Evanson Ndungu Mukunya v JNM & MWN (Suing as The Legal Representative of the Estate of JMN) [2022] KEHC 2793 (KLR) | Fatal Accidents Act | Esheria

Evanson Ndungu Mukunya v JNM & MWN (Suing as The Legal Representative of the Estate of JMN) [2022] KEHC 2793 (KLR)

Full Case Text

REPUBLIC OF KENYA

IN THE HIGH COURT OF KENYA

AT NYERI

CIVIL APPEAL NO.63 OF 2018

EVANSON NDUNGU MUKUNYA......................................................................APPELLANT

VERSUS

JNM & MWN (Suing as the Legal Representative of the estate of JMN).....RESPONDENT

(Being an appeal from the decree and judgment of Hon. Nelly W. Kariuki, SRM,

in Nyeri CMCCC No.197 of 2017 delivered on 12/10/2018)

JUDGMENT

1. The respondents had sued the appellant at the lower court claiming general and special damages under the Fatal Accidents Act and the Law Reform Act after the respondents` son was fatally knocked down by the appellant`s motor vehicle while travelling as a pillion passenger along Nyeri-Mweiga road. Consent on liability was recorded at 20:80 in favour of the respondents. The trial court in assessing the damages awarded Ksh.100,000/- for pain and suffering and Ksh.109,600/- in special damages. On loss of dependency it applied a multiplicand of Ksh.8,000/- and a multiplier of 45. The loss of dependency was computed as follows: 8,000 x 12 x 45 x1/3= 1,440,000. The appellant was aggrieved by the award and filed the instant appeal.

2.   The grounds of appeal are that:

(i)  The learned magistrate erred in law and in fact in awarding general damages for pain and suffering of  Ksh.100,000/=

(ii)  The learned magistrate erred in law and in fact in  awarding special damages of Kshs.109,600/= and failing to subject the same to contribution.

(iii) The learned magistrate erred in law and in fact in assessing damages for loss of years/dependency by adopting an erroneous multiplicand and multiplier.

3. The appeal was canvassed by way of written submissions by the advocates for the parties, the firm of C.W. Githae & Co.
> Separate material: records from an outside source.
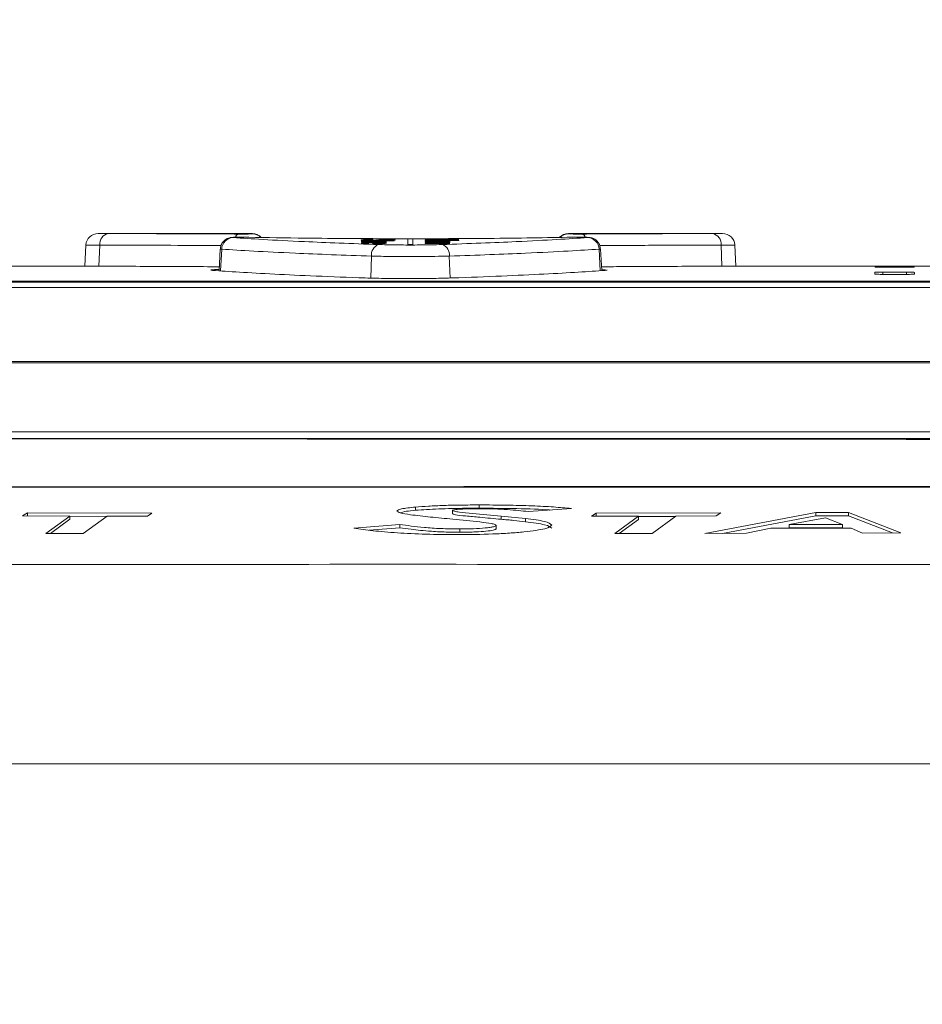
# Model space of a CAD drawing. Header units: millimetres. Extents: x 0 to 2100, y 0 to 1485.
# Tile 61 of 66: x 1555 to 1610, y 480 to 540. Entities that reach past the tile are written whole.
import ezdxf

# ---------------------------------------------------------------- set-up
doc = ezdxf.new("R2010")
doc.units = ezdxf.units.MM
doc.header["$LTSCALE"] = 5
doc.styles.add('SLDTEXTSTYLE1', font='TXT', dxfattribs={"width": 0.75})
doc.dimstyles.new('SLDDIMSTYLE0', dxfattribs={"dimtxt": 12.5, "dimasz": 15, "dimexe": 0, "dimexo": 0.0625, "dimgap": 3.125, "dimtad": 1, "dimdec": 0, "dimrnd": 1e-09, "dimzin": 12, "dimdsep": 46, "dimtxsty": 'SLDTEXTSTYLE1', "dimblk1": 'CLOSED', "dimblk2": 'CLOSED', "dimsah": 1, "dimcen": 0.09, "dimadec": 0, "dimazin": 3, "dimtfac": 1, "dimtofl": 0, "dimtmove": 0, "dimatfit": 3, "dimldrblk": 'CLOSED', "dimfxl": 1, "dimfrac": 2, "dimtolj": 1, "dimtzin": 12, "dimarcsym": 0})

# ---------------------------------------------------------------- blocks, each defined once
blk = doc.blocks.new('_CLOSED')
at = {"color": 0, "linetype": 'ByBlock', "lineweight": -2}
for p, q in [((-1, 0.166667), (0, 0)), ((-1, 0.166667), (-1, -0.166667)), ((0, 0), (-1, -0.166667)), ((0, 0), (-1, 0))]:
    blk.add_line(p, q, dxfattribs=at)
blk = doc.blocks.new('_D_1')
at = {"color": 7, "linetype": 'Continuous', "lineweight": 0}
for p, q in [((1039.244, 346.431), (1039.244, 589.586)), ((1743.54, 289.479), (1743.54, 589.586)), ((1743.54, 584.586), (1039.244, 584.586))]:
    blk.add_line(p, q, dxfattribs=at)
at = {"color": 7, "linetype": 'Continuous', "lineweight": 0, "xscale": 15, "yscale": 15, "rotation": 180}
blk.add_blockref('_CLOSED', (1039.244, 584.586), dxfattribs=at)
at = {"color": 7, "linetype": 'Continuous', "lineweight": 0, "xscale": 15, "yscale": 15}
blk.add_blockref('_CLOSED', (1743.54, 584.586), dxfattribs=at)
at = {"color": 7, "linetype": 'Continuous', "lineweight": 0, "insert": (1377.538, 600.7), "char_height": 12.5, "attachment_point": 1, "style": 'SLDTEXTSTYLE1'}
blk.add_mtext('704', dxfattribs=at)

msp = doc.modelspace()

# ---------------------------------------------------------------- linework, layer by layer
at = {"color": 7, "linetype": 'Continuous', "lineweight": 15}
for p, q in [((1569.081, 527.237), (1559.625, 527.237)), ((1559.903, 527.236), (1560.212, 527.235)), ((1575.786, 526.71), (1577.288, 526.71)), ((1575.786, 526.699), (1575.786, 526.71)), ((1576.584, 526.699), (1575.786, 526.699)), ((1577.051, 526.789), (1576.199, 526.789)), ((1576.208, 526.798), (1577.051, 526.798)), ((1576.497, 526.868), (1576.497, 526.858)), ((1577.051, 526.805), (1577.288, 526.805)), ((1577.051, 526.798), (1577.051, 526.805)), ((1577.051, 526.78), (1577.051, 526.789)), ((1577.288, 526.78), (1577.051, 526.78)), ((1577.288, 526.7), (1577.078, 526.7)), ((1577.261, 526.814), (1577.261, 526.825)), ((1577.288, 526.805), (1577.288, 526.798)), ((1577.288, 526.798), (1577.653, 526.798)), ((1577.288, 526.789), (1577.288, 526.78)), ((1577.803, 526.789), (1577.288, 526.789)), ((1577.288, 526.71), (1577.288, 526.7)), ((1578.643, 526.903), (1578.643, 526.57)), ((1578.943, 526.903), (1578.643, 526.903)), ((1578.943, 526.57), (1578.943, 526.903)), ((1579.71, 526.871), (1581.765, 526.871)), ((1579.71, 526.862), (1579.71, 526.871)), ((1581.449, 526.862), (1579.71, 526.862)), ((1579.71, 526.832), (1579.71, 526.843)), ((1579.71, 526.813), (1581.449, 526.813)), ((1579.71, 526.803), (1579.71, 526.813)), ((1581.765, 526.803), (1579.71, 526.803)), ((1579.71, 526.729), (1581.212, 526.729)), ((1579.71, 526.719), (1579.71, 526.729)), ((1580.515, 526.719), (1579.71, 526.719)), ((1580.395, 526.74), (1580.395, 526.782)), ((1580.632, 526.782), (1580.632, 526.751)), ((1581.212, 526.719), (1581.002, 526.719)), ((1581.212, 526.729), (1581.212, 526.719)), ((1581.765, 526.871), (1581.765, 526.857)), ((1581.765, 526.818), (1581.765, 526.803)), ((1588.505, 527.237), (1588.503, 527.21)), ((1597.96, 527.237), (1588.505, 527.237)), ((1597.374, 527.235), (1597.699, 527.236)), ((1558.85, 526.528), (1558.782, 525.232)), ((1567.105, 526.283), (1567.035, 524.943)), ((1576.471, 526.617), (1576.471, 526.664)), ((1576.708, 526.664), (1576.708, 526.628)), ((1578.643, 526.57), (1578.943, 526.57)), ((1579.71, 526.691), (1580.607, 526.691)), ((1579.71, 526.68), (1579.71, 526.691)), ((1580.629, 526.68), (1579.71, 526.68)), ((1579.71, 526.625), (1579.956, 526.625)), ((1579.71, 526.614), (1579.71, 526.625)), ((1581.212, 526.614), (1579.71, 526.614)), ((1580.286, 526.665), (1581.212, 526.665)), ((1581.212, 526.654), (1580.395, 526.654)), ((1580.423, 526.625), (1581.212, 526.625)), ((1581.212, 526.665), (1581.212, 526.654)), ((1581.212, 526.625), (1581.212, 526.614)), ((1590.55, 524.956), (1590.48, 526.283)), ((1598.804, 525.233), (1598.736, 526.528)), ((1558.294, 525.234), (1548.244, 525.234)), ((1590.789, 525.004), (1590.547, 525.016)), ((1617.569, 525.234), (1599.091, 525.234)), ((1607.352, 525.168), (1607.353, 525.201)), ((1609.266, 525.16), (1607.851, 525.16)), ((1607.853, 525.206), (1609.264, 525.206)), ((1609.764, 525.201), (1609.765, 525.168)), ((1665.853, 524.288), (1536.551, 524.288)), ((1536.668, 524.296), (1665.419, 524.296)), ((1607.33, 524.744), (1607.335, 524.844)), ((1609.289, 524.724), (1607.828, 524.724)), ((1607.835, 524.861), (1609.282, 524.861)), ((1609.782, 524.844), (1609.787, 524.744)), ((1535.625, 524.252), (1666.49, 524.252)), ((1666.49, 523.916), (1535.625, 523.916)), ((1530.381, 519.362), (1668.064, 519.362)), ((1668.064, 519.286), (1530.381, 519.286)), ((1529.741, 515.047), (1668.812, 515.047)), ((1579.11, 510.417), (1579.11, 510.217)), ((1583.025, 510.546), (1583.025, 510.346)), ((1555.25, 510.056), (1554.958, 509.874)), ((1554.958, 509.874), (1557.855, 509.863)), ((1562.903, 510.033), (1555.25, 510.056)), ((1555.25, 510.056), (1555.25, 509.856)), ((1557.855, 509.863), (1556.39, 508.797)), ((1557.855, 509.863), (1557.855, 509.663)), ((1557.855, 509.848), (1560.133, 509.841)), ((1558.687, 508.791), (1560.155, 509.856)), ((1560.155, 509.856), (1562.628, 509.85)), ((1562.628, 509.85), (1562.903, 510.033)), ((1581.377, 510.205), (1581.377, 510.005)), ((1585.868, 509.716), (1584.369, 509.866)), ((1584.369, 509.866), (1584.369, 509.665)), ((1586.044, 510.141), (1588.692, 510.327)), ((1590.213, 510.034), (1589.92, 509.85)), ((1589.92, 509.85), (1592.818, 509.856)), ((1597.866, 510.053), (1590.213, 510.034)), ((1590.213, 510.034), (1590.213, 509.833)), ((1592.818, 509.856), (1591.353, 508.786)), ((1592.818, 509.856), (1592.818, 509.655)), ((1592.818, 509.84), (1595.096, 509.846)), ((1593.65, 508.79), (1595.118, 509.862)), ((1595.118, 509.862), (1597.591, 509.869)), ((1603.714, 510.073), (1596.889, 508.796)), ((1597.591, 509.869), (1597.866, 510.053)), ((1597.977, 508.799), (1603.714, 509.872)), ((1602.078, 509.337), (1604.299, 509.748)), ((1605.714, 510.081), (1603.714, 510.073)), ((1603.714, 510.073), (1603.714, 509.872)), ((1603.714, 509.872), (1605.714, 509.88)), ((1604.299, 509.748), (1605.348, 509.347)), ((1608.937, 508.828), (1605.714, 510.081)), ((1605.714, 510.081), (1605.714, 509.88)), ((1605.714, 509.88), (1608.424, 508.827)), ((1556.665, 508.796), (1557.855, 509.663)), ((1578.141, 509.348), (1575.321, 509.12)), ((1576.259, 508.995), (1578.141, 509.147)), ((1578.141, 509.348), (1578.141, 509.147)), ((1584.063, 509.284), (1584.063, 509.083)), ((1585.868, 509.716), (1585.868, 509.515)), ((1591.629, 508.786), (1592.818, 509.655)), ((1605.348, 509.347), (1602.078, 509.337)), ((1602.078, 509.337), (1602.078, 509.135)), ((1602.078, 509.135), (1605.348, 509.146)), ((1605.348, 509.347), (1605.348, 509.146)), ((1556.39, 508.797), (1558.687, 508.791)), ((1581.827, 509.068), (1581.827, 508.867)), ((1591.353, 508.786), (1593.65, 508.79)), ((1596.889, 508.796), (1599.453, 508.802)), ((1599.453, 508.802), (1600.939, 509.111)), ((1600.939, 509.111), (1605.89, 509.126)), ((1605.89, 509.126), (1606.592, 508.821)), ((1606.592, 508.821), (1608.937, 508.828)), ((1294.711, 494.634), (1681.546, 494.634))]:
    msp.add_line(p, q, dxfattribs=at)
at = {"color": 8, "linetype": 'Continuous', "lineweight": 15}
for p, q in [((1569.082, 527.21), (1569.081, 527.237)), ((1559.698, 526.524), (1559.652, 525.229)), ((1567.195, 526.276), (1567.129, 524.936)), ((1590.391, 526.276), (1590.456, 524.95)), ((1597.887, 526.524), (1597.934, 525.229)), ((1576.399, 525.847), (1576.357, 524.496)), ((1581.186, 525.847), (1581.228, 524.5)), ((1607.353, 525.201), (1607.353, 525.167)), ((1607.853, 525.206), (1607.853, 525.16)), ((1609.264, 525.206), (1609.264, 525.16)), ((1609.764, 525.201), (1609.764, 525.167)), ((1607.33, 524.744), (1607.33, 524.744)), ((1607.335, 524.844), (1607.335, 524.742)), ((1607.835, 524.861), (1607.835, 524.724)), ((1609.282, 524.861), (1609.282, 524.724)), ((1609.782, 524.844), (1609.782, 524.742)), ((1609.787, 524.744), (1609.787, 524.744))]:
    msp.add_line(p, q, dxfattribs=at)
at = {"color": 7, "linetype": 'Continuous', "lineweight": 15}
for centre, radius, start, end in [((1559.599, 526.487), 0.75, 89.81913, 176.35163), ((1560.348, 526.596), 0.654, 102.04759, 186.28664), ((1567.927, 526.255), 0.732, 92.48712, 178.33685), ((1569.081, 526.487), 0.75, 42.93671, 89.53279), ((1588.505, 526.487), 0.75, 90.32044, 136.7343), ((1589.659, 526.255), 0.732, 1.66315, 87.51288), ((1597.237, 526.596), 0.654, 353.71336, 77.95241), ((1597.987, 526.487), 0.75, 3.4533, 90.18087), ((1577.07, 525.923), 0.675, 109.85551, 186.42073), ((1580.516, 525.923), 0.675, 353.57927, 70.14449)]:
    msp.add_arc(centre, radius, start, end, dxfattribs=at)
at = {"color": 8, "linetype": 'Continuous', "lineweight": 15}
for centre, radius, start, end in [((1568.3, 526.95), 0.264, 105.42909, 166.25977), ((1569.082, 526.46), 0.75, 45.99675, 90.00051), ((1588.503, 526.46), 0.75, 89.99944, 134.20631), ((1589.284, 526.947), 0.267, 12.99024, 74.42003)]:
    msp.add_arc(centre, radius, start, end, dxfattribs=at)
at = {"color": 7, "linetype": 'Continuous', "lineweight": 15}
for centre, major_axis, ratio, start_param, end_param in [((1782.296, -134.563), (5552.913, 0), 0.119181, 1.607955, 1.607995), ((1563.955, -134.563), (0, 661.8), 0.56875, 6.246385, 6.246783), ((1652.533, -134.563), (2111.361, 0), 0.313447, 1.60447, 1.605294), ((1506.364, -134.563), (2098.68, 0), 0.315341, 1.535012, 1.53584), ((1582.747, -134.563), (0, 661.8), 0.102073, 0.03833, 0.03872), ((1652.162, -134.563), (2077.316, 0), 0.318584, 1.604691, 1.605386), ((1508.434, -134.563), (2062.06, 0), 0.320941, 1.535227, 1.535915), ((1579.131, -134.563), (0, 661.8), 0.102073, 0.042891, 0.043281), ((1501.781, -134.563), (1836.494, 0), 0.36036, 1.529694, 1.529818)]:
    msp.add_ellipse(centre, major_axis=major_axis, ratio=ratio, start_param=start_param, end_param=end_param, dxfattribs=at)
at = {"color": 8, "linetype": 'Continuous', "lineweight": 15}
for points, knots in [([(1559.625, 527.237), (1559.623, 527.237), (1559.618, 527.237), (1559.743, 527.236), (1559.892, 527.236), (1559.903, 527.236)], [0, 0, 0, 0, 0.349298, 0.950299, 1, 1, 1, 1]), ([(1597.699, 527.236), (1597.723, 527.236), (1597.881, 527.236), (1597.986, 527.237), (1597.966, 527.237), (1597.96, 527.237)], [0, 0, 0, 0, 0.1101323, 0.7372683, 1, 1, 1, 1]), ([(1559.698, 526.524), (1559.53, 526.525), (1559.161, 526.525), (1558.871, 526.526), (1558.883, 526.526), (1558.887, 526.526)], [0, 0, 0, 0, 0.346058, 0.759358, 1, 1, 1, 1]), ([(1567.15, 526.497), (1565.955, 526.502), (1563.24, 526.514), (1560.969, 526.521), (1559.698, 526.524)], [0, 0, 0, 0, 0.440306, 1, 1, 1, 1]), ([(1567.195, 526.276), (1567.165, 526.277), (1567.11, 526.279), (1567.12, 526.281), (1567.125, 526.282)], [0, 0, 0, 0, 0.535999, 1, 1, 1, 1]), ([(1590.461, 526.282), (1590.465, 526.281), (1590.476, 526.279), (1590.421, 526.277), (1590.391, 526.276)], [0, 0, 0, 0, 0.464001, 1, 1, 1, 1]), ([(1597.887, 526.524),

Advocates appearing for the appellant and Keli & Mwaura Advocates representing the respondents.

Submissions –

4. The advocates for the appellant submitted that the police abstract and the post mortem report indicated that the deceased had died about 30 minutes after the accident. Therefore, that the award of Ksh.100,000/- for pain and suffering was excessive. They urged the court to reduce the award to Ksh 20,000/-.

5. On loss of dependency it was submitted that there was no proof of the earnings of the deceased. That the witnesses for the respondents PW1 and PW2 stated in their evidence that the deceased was a form 3 student though that he used to do casual work in the evenings after school. That PW2 stated that the deceased`s income was not steady as there were days he did not get work.

6. It was submitted that the deceased died at the age of 18 years. That the trial court in awarding damages under the Fatal Accidents Act should have been guided by the Legal Notice No.117 of 2015 which was in operation at the time of the deceased`s death which put the minimum wage in the area of the deceased`s residence at the time at Ksh.5,844. 20 per month. Therefore, that the trial court erred in adopting a multiplicand of Ksh.8,000/-. In any case that as the court had accepted the fact that the deceased was a student it should have proceeded under “lost years”. In this respect counsel relied on the case of Oyugi Judith & Another vs Fredrick Odhiambo Ongong & 3 Others (2014) eKLRwhere the deceased was a student whose future prospects were unknown and Majanja J. awarded a global sum of Ksh.120,000/- for the loss to his estate.

7. It was submitted that dependency is a matter of fact and that the multiplier will depend upon the likely dependency of the dependants and not the likely remainder of productive years of the deceased. That the deceased was expected to have eventually established his own home and the dependency of his parents would have substantially reduced. Therefore, that the trial court in adopting a multiplier of 45 years was based on speculation and not founded on any facts or evidence. The advocates urged the court to adopt a multiplier of 20 years. They relied on the case of Samuel Mwaura Kimani v Clement Gachanja (UR), which authority was however not made available to the court.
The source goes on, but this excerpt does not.